The requirements of equal variances for ANOVA is met. This is shown by the residual versus fitted plot, which shows roughly a constant variance within each vertical group of dots. The QQ-plot of residuals on the right shows some non-normality as evidenced by some of the points outside of the dashed line boundaries. However, it is not severe and we will move forward with the analysis.
Code
par(mfrow=c(1,2))
plot(mosquito.aov, which=1, pch=16)
qqPlot(mosquito.aov, id=FALSE)
The following plot shows which types of material minimize the human mosquito contact.
Code
boxplot(y.mosq ~ as.factor(Treatment), data=mosquito, main="Human Mosquito Contact Based on Type of Material", xlab ="Treatment", ylab = "Amount of Mosquito Human Contact")
The averages are illustrated with the blue line in the plot above and the table below shows the means, standard deviations, and sample sizes for each of the five different materials.
Code
favstats(y.mosq ~ Treatment, data=mosquito) %>%
select(Treatment,mean,sd,n) %>%
arrange(mean) %>%
pander()| Treatment | mean | sd | n |
|---|---|---|---|
| C+O | 5.367 | 3.068 | 30 |
| D+O | 6.333 | 3.121 | 30 |
| Odomos | 7.901 | 3.366 | 30 |
| Cyfluthrin | 8.033 | 3.01 | 30 |
| Deltamethrin | 8.133 | 3.46 | 30 |
Pairwise comparisons
We now that smallest mean (C+O) must be different than the largest mean (Deltamethrin) because the F-test was significant above. In order to better understand which treatments perform better than which other treatments we will look at all pairwise comparisons and apply Tukey’s correction to the family error rate.
Code
#This code would work, but...
# TukeyHSD(mosquito.aov, "Treatment")
#I want to do this fancy stuff below to sort the output
TukeyHSD(mosquito.aov, "Treatment")$Treatment %>%
as_tibble(rownames = "id") %>%
arrange(`p adj`) %>% #Have to put the column name in back ticks since it has a space
pander() | id | diff | lwr | upr | p adj |
|---|---|---|---|---|
| Deltamethrin-C+O | 2.766 | 0.4764 | 5.056 | 0.009359 |
| Cyfluthrin-C+O | 2.666 | 0.3761 | 4.955 | 0.01367 |
| Odomos-C+O | 2.534 | 0.2441 | 4.823 | 0.02204 |
| Deltamethrin-D+O | 1.8 | -0.4899 | 4.089 | 0.1965 |
| D+O-Cyfluthrin | -1.699 | -3.989 | 0.5902 | 0.2477 |
| Odomos-D+O | 1.567 | -0.7222 | 3.857 | 0.3268 |
| D+O-C+O | 0.9663 | -1.323 | 3.256 | 0.7707 |
| Odomos-Deltamethrin | -0.2323 | -2.522 | 2.057 | 0.9986 |
| Odomos-Cyfluthrin | -0.132 | -2.422 | 2.158 | 0.9999 |
| Deltamethrin-Cyfluthrin | 0.1003 | -2.189 | 2.39 | 1 |
C+O is significantly lower than 3 of the treatments at the 0.05 level; and no other treatment has a sample mean lower than C+O’s.
Interpretation
It appears the the best type of material is the C+O material to minimize the amount of mosquito human contact.
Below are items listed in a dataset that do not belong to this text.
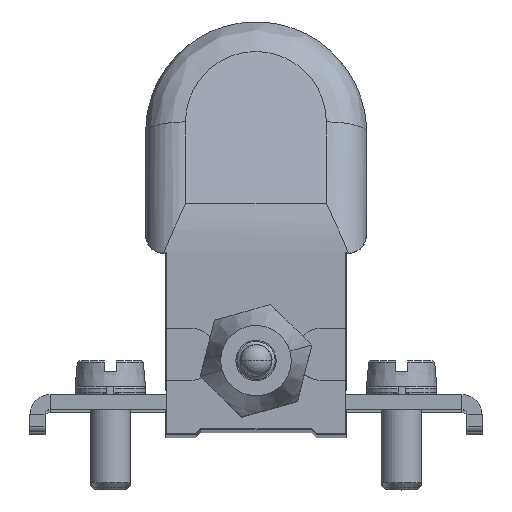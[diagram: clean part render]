
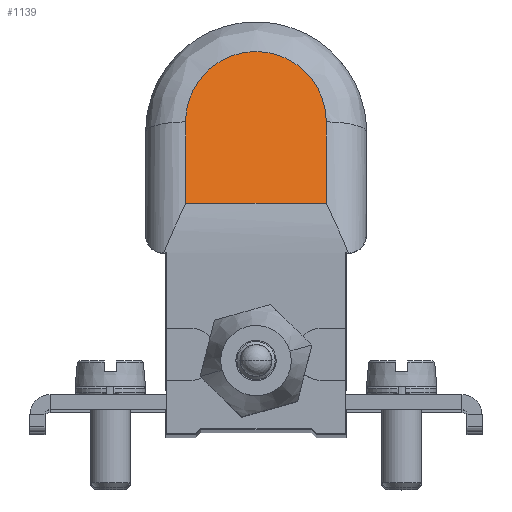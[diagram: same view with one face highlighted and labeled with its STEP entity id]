
A CAD part, top view. The second image highlights one B-rep face of the part: STEP entity #1139.
In plain terms, the highlighted planar face has unit normal (0, 0.259, 0.966).
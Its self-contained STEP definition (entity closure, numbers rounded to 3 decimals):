
#1139=ADVANCED_FACE('',(#2485),#2486,.F.);
#2485=FACE_OUTER_BOUND('',#4127,.T.);
#2486=PLANE('',#4128);
#4127=EDGE_LOOP('',(#7427,#7428,#7429,#7430));
#4128=AXIS2_PLACEMENT_3D('',#7431,#7432,#7433);
#7427=ORIENTED_EDGE('',*,*,#10390,.T.);
#7428=ORIENTED_EDGE('',*,*,#10375,.T.);
#7429=ORIENTED_EDGE('',*,*,#10379,.T.);
#7430=ORIENTED_EDGE('',*,*,#10386,.T.);
#7431=CARTESIAN_POINT('',(-2.001,46.024,-2.812));
#7432=DIRECTION('',(0.0,-0.259,-0.966));
#7433=DIRECTION('',(0.0,-0.966,0.259));
#10375=EDGE_CURVE('',#12675,#12673,#12676,.T.);
#10379=EDGE_CURVE('',#12673,#12681,#12682,.T.);
#10386=EDGE_CURVE('',#12681,#12692,#12694,.T.);
#10390=EDGE_CURVE('',#12692,#12675,#12699,.T.);
#12673=VERTEX_POINT('',#16298);
#12675=VERTEX_POINT('',#16303);
#12676=LINE('',#16304,#16305);
#12681=VERTEX_POINT('',#16314);
#12682=LINE('',#16315,#16316);
#12692=VERTEX_POINT('',#16336);
#12694=B_SPLINE_CURVE_WITH_KNOTS('',3,(#16338,#16339,#16340,#16341,#16342,#16343,#16344,#16345,#16346,#16347,#16348,#16349,#16350,#16351,#16352,#16353,#16354,#16355,#16356,#16357,#16358,#16359,#16360,#16361,#16362),.UNSPECIFIED.,.F.,.F.,(4,3,3,3,3,3,3,3,4),(1.571,1.963,2.356,2.749,3.142,3.534,3.927,4.32,4.712),.UNSPECIFIED.);
#12699=LINE('',#16384,#16385);
#16298=CARTESIAN_POINT('',(16.0,23.016,3.353));
#16303=CARTESIAN_POINT('',(2.0,23.016,3.353));
#16304=CARTESIAN_POINT('',(2.0,23.016,3.353));
#16305=VECTOR('',#19033,14.0);
#16314=CARTESIAN_POINT('',(16.0,31.135,1.177));
#16315=CARTESIAN_POINT('',(16.0,23.016,3.353));
#16316=VECTOR('',#19035,8.406);
#16336=CARTESIAN_POINT('',(2.0,31.135,1.177));
#16338=CARTESIAN_POINT('',(16.0,31.135,1.177));
#16339=CARTESIAN_POINT('',(16.,32.052,0.932));
#16340=CARTESIAN_POINT('',(15.818,32.968,0.686));
#16341=CARTESIAN_POINT('',(15.467,33.814,0.459));
#16342=CARTESIAN_POINT('',(15.117,34.661,0.232));
#16343=CARTESIAN_POINT('',(14.598,35.437,0.024));
#16344=CARTESIAN_POINT('',(13.95,36.085,-0.149));
#16345=CARTESIAN_POINT('',(13.302,36.733,-0.323));
#16346=CARTESIAN_POINT('',(12.525,37.252,-0.462));
#16347=CARTESIAN_POINT('',(11.679,37.602,-0.556));
#16348=CARTESIAN_POINT('',(10.832,37.953,-0.65));
#16349=CARTESIAN_POINT('',(9.916,38.135,-0.699));
#16350=CARTESIAN_POINT('',(9.0,38.135,-0.699));
#16351=CARTESIAN_POINT('',(8.084,38.135,-0.699));
#16352=CARTESIAN_POINT('',(7.168,37.953,-0.65));
#16353=CARTESIAN_POINT('',(6.321,37.602,-0.556));
#16354=CARTESIAN_POINT('',(5.475,37.252,-0.462));
#16355=CARTESIAN_POINT('',(4.698,36.733,-0.323));
#16356=CARTESIAN_POINT('',(4.05,36.085,-0.149));
#16357=CARTESIAN_POINT('',(3.402,35.437,0.024));
#16358=CARTESIAN_POINT('',(2.883,34.661,0.232));
#16359=CARTESIAN_POINT('',(2.533,33.814,0.459));
#16360=CARTESIAN_POINT('',(2.182,32.968,0.686));
#16361=CARTESIAN_POINT('',(2.,32.052,0.932));
#16362=CARTESIAN_POINT('',(2.0,31.135,1.177));
#16384=CARTESIAN_POINT('',(2.0,31.135,1.177));
#16385=VECTOR('',#19049,8.406);
#19033=DIRECTION('',(1.0,0.0,0.0));
#19035=DIRECTION('',(0.0,0.966,-0.259));
#19049=DIRECTION('',(0.0,-0.966,0.259));

The lowest mean came from the C+O material where the average amount of mosquito/human contact was 5.367. With a mean of 6.333, D+O was not significantly different than C+O and could also be an option. Conducting a new experiment that focuses on the difference between C+O and D+O and gives them a larger sample size in order to better detect significant would be reasonable.
A future study could look into other types of material as well as doing this analysis at different locations throughout the world.